═══ Excerpted data

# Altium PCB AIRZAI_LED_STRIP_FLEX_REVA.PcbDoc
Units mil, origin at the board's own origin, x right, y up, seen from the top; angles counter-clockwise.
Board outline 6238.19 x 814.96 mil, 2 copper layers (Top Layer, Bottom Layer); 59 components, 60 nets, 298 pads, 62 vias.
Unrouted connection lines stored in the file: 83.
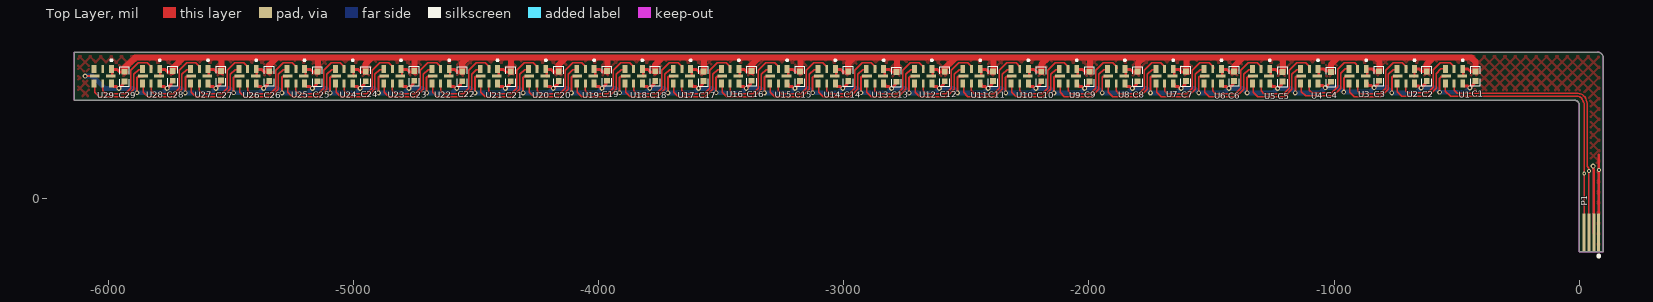
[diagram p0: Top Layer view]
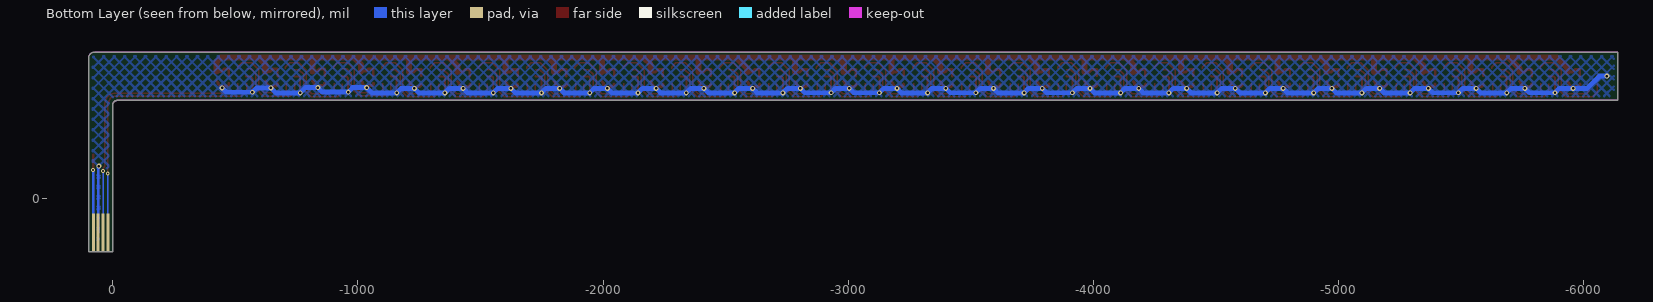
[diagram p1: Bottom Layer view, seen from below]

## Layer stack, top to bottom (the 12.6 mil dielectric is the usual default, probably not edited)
Top Solder: solder mask 0.4, Solder Resist, Dk 3.5
Top Layer: signal copper 1.4
Dielectric 1: dielectric 12.6, FR-4, Dk 4.8
Bottom Layer: signal copper 1.4
Bottom Solder: solder mask 0.4, Solder Resist, Dk 3.5

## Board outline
-6139.76,401 -6139.76,597.85 73.39,597.85 cw(c73.39,572.81) 98.43,572.81 98.43,-217.11 0,-217.11 0,381.31 ccw(c-19.69,381.31) -19.69,401
board region "Layer Stack Region 1": 98.43,43 98.43,-217.11 0,-217.11 0,43
board region "Layer Stack Region 1": 0,75 0,381.31 -0.38,385.16 -3.32,392.25 -8.75,397.68 -15.84,400.62 -19.69,401 -6139.76,401 -6139.76,597.85 73.39,597.85 78.37,597.85 87.57,594.04 94.61,586.99 98.43,577.79 98.43,572.81 98.43,75
board region "Layer Stack Region 2": 0,43 0,75 98.43,75 98.43,43

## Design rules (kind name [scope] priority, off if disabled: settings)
Clearance Clearance_polygon_5V [OnLayer('Keep-Out Layer') vs (InNet('+5V') AND InPolygon)] p1: gap=10 ignorepadtopadclearanceinfootprint=FALSE
Clearance Clearance_POLYGON_KEEPOUT [(OnLayer('Keep-Out Layer')) vs (InNet('GND') AND InPolygon)] p2: gap=10 ignorepadtopadclearanceinfootprint=FALSE
Clearance [All] p3: gap=6 ignorepadtopadclearanceinfootprint=FALSE
MinimumSolderMaskSliver [All] p1: minsoldermaskwidth=1
PolygonConnect [All] p1: connectstyle=Direct reliefconductorwidth=10 reliefentries=4 polygonreliefangle="90 Angle" airgapwidth=10
RoomDefinition AIRZAI_LED_STRIP_FLEX_REVA [InComponentClass('AIRZAI_LED_STRIP_FLEX_REVA')] p1: confinementstyle=ConfineIn formatcopy=TRUE lockcomponents=FALSE outline -10323.91,-4725.44 4336.09,-4725.44 4336.09,4874.56 -10323.91,4874.56
RoutingVias [All] p1: holewidth=28 width=50 viastyle="Through Hole" minholewidth=8 minwidth=16 maxholewidth=28 maxwidth=50
SilkToSilkClearance [All] p1: silktosilkclearance=1
SilkToSolderMaskClearance [IsPad] p1: minsilkscreentomaskgap=2 clearancetoexposedcopper=TRUE
SolderMaskExpansion [All] p1: expansion=4
UnRoutedNet [All] p1: checkbadconnections=TRUE
Width [All] p1: maxlimit=100 minlimit=6 preferedwidth=10
26 further rules are at their usual default settings.

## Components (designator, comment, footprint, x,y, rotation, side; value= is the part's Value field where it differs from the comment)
C1 "0.1µF" 0402CAP -423.76,499.43 r270 top
C2 "0.1µF" 0402CAP -622.6,499.43 r270 top
C3 "0.1µF" 0402CAP -817.46,500.11 r270 top
C4 "0.1µF" 0402CAP -1012.82,496.43 r270 top
C5 "0.1µF" 0402CAP -1210.17,497.11 r270 top
C6 "0.1µF" 0402CAP -1408.02,499.43 r270 top
C7 "0.1µF" 0402CAP -1604.87,499.11 r270 top
C8 "0.1µF" 0402CAP -1801.72,498.46 r270 top
C9 "0.1µF" 0402CAP -1997.57,497.93 r270 top
C10 "0.1µF" 0402CAP -2194.42,498.11 r270 top
C11 "0.1µF" 0402CAP -2391.59,499.11 r270 top
C12 "0.1µF" 0402CAP -2588.12,498.61 r270 top
C13 "0.1µF" 0402CAP -2784.97,496.42 r270 top
C14 "0.1µF" 0402CAP -2982.33,499.11 r270 top
C15 "0.1µF" 0402CAP -3178.76,499.11 r270 top
C16 "0.1µF" 0402CAP -3376.15,500.64 r270 top
C17 "0.1µF" 0402CAP -3572.37,499.11 r270 top
C18 "0.1µF" 0402CAP -3769.22,499.64 r270 top
C19 "0.1µF" 0402CAP -3965.64,500.58 r270 top
C20 "0.1µF" 0402CAP -4162.92,499.11 r270 top
C21 "0.1µF" 0402CAP -4358.77,498.63 r270 top
C22 "0.1µF" 0402CAP -4556.37,498.74 r270 top
C23 "0.1µF" 0402CAP -4752.47,500.58 r270 top
C24 "0.1µF" 0402CAP -4950.32,498.58 r270 top
C25 "0.1µF" 0402CAP -5146.9,498.9 r270 top
C26 "0.1µF" 0402CAP -5343.7,499.65 r270 top
C27 "0.1µF" 0402CAP -5540.44,500.95 r270 top
C28 "0.1µF" 0402CAP -5737.05,500.43 r270 top
C29 "0.1µF" 0402CAP -5934.14,497.46 r270 top
P1 "Header 4" FFC_4Pads 49.21,-138.39 r0 top
U1 "APA102-2020-256-8" APA102–2020 -510.76,499.43 r270 top
U2 "APA102-2020-256-8" APA102–2020 -707.76,499.43 r270 top
U3 "APA102-2020-256-8" APA102–2020 -904.46,499.43 r270 top
U4 "APA102-2020-256-8" APA102–2020 -1101.32,499.43 r270 top
U5 "APA102-2020-256-8" APA102–2020 -1298.17,499.43 r270 top
U6 "APA102-2020-256-8" APA102–2020 -1495.02,499.43 r270 top
U7 "APA102-2020-256-8" APA102–2020 -1691.87,499.43 r270 top
U8 "APA102-2020-256-8" APA102–2020 -1888.72,499.43 r270 top
U9 "APA102-2020-256-8" APA102–2020 -2085.57,499.43 r270 top
U10 "APA102-2020-256-8" APA102–2020 -2282.42,499.43 r270 top
U11 "APA102-2020-256-8" APA102–2020 -2479.27,499.43 r270 top
U12 "APA102-2020-256-8" APA102–2020 -2676.12,499.43 r270 top
U13 "APA102-2020-256-8" APA102–2020 -2872.97,499.43 r270 top
U14 "APA102-2020-256-8" APA102–2020 -3069.76,499.43 r270 top
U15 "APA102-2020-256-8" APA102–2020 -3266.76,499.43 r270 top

══════

→ **Goal of the exercise**
Find the string "default" in the listing and copy every line in which it occurs.

→ **Response for this exercise**
## Layer stack, top to bottom (the 12.6 mil dielectric is the usual default, probably not edited)
26 further rules are at their usual default settings.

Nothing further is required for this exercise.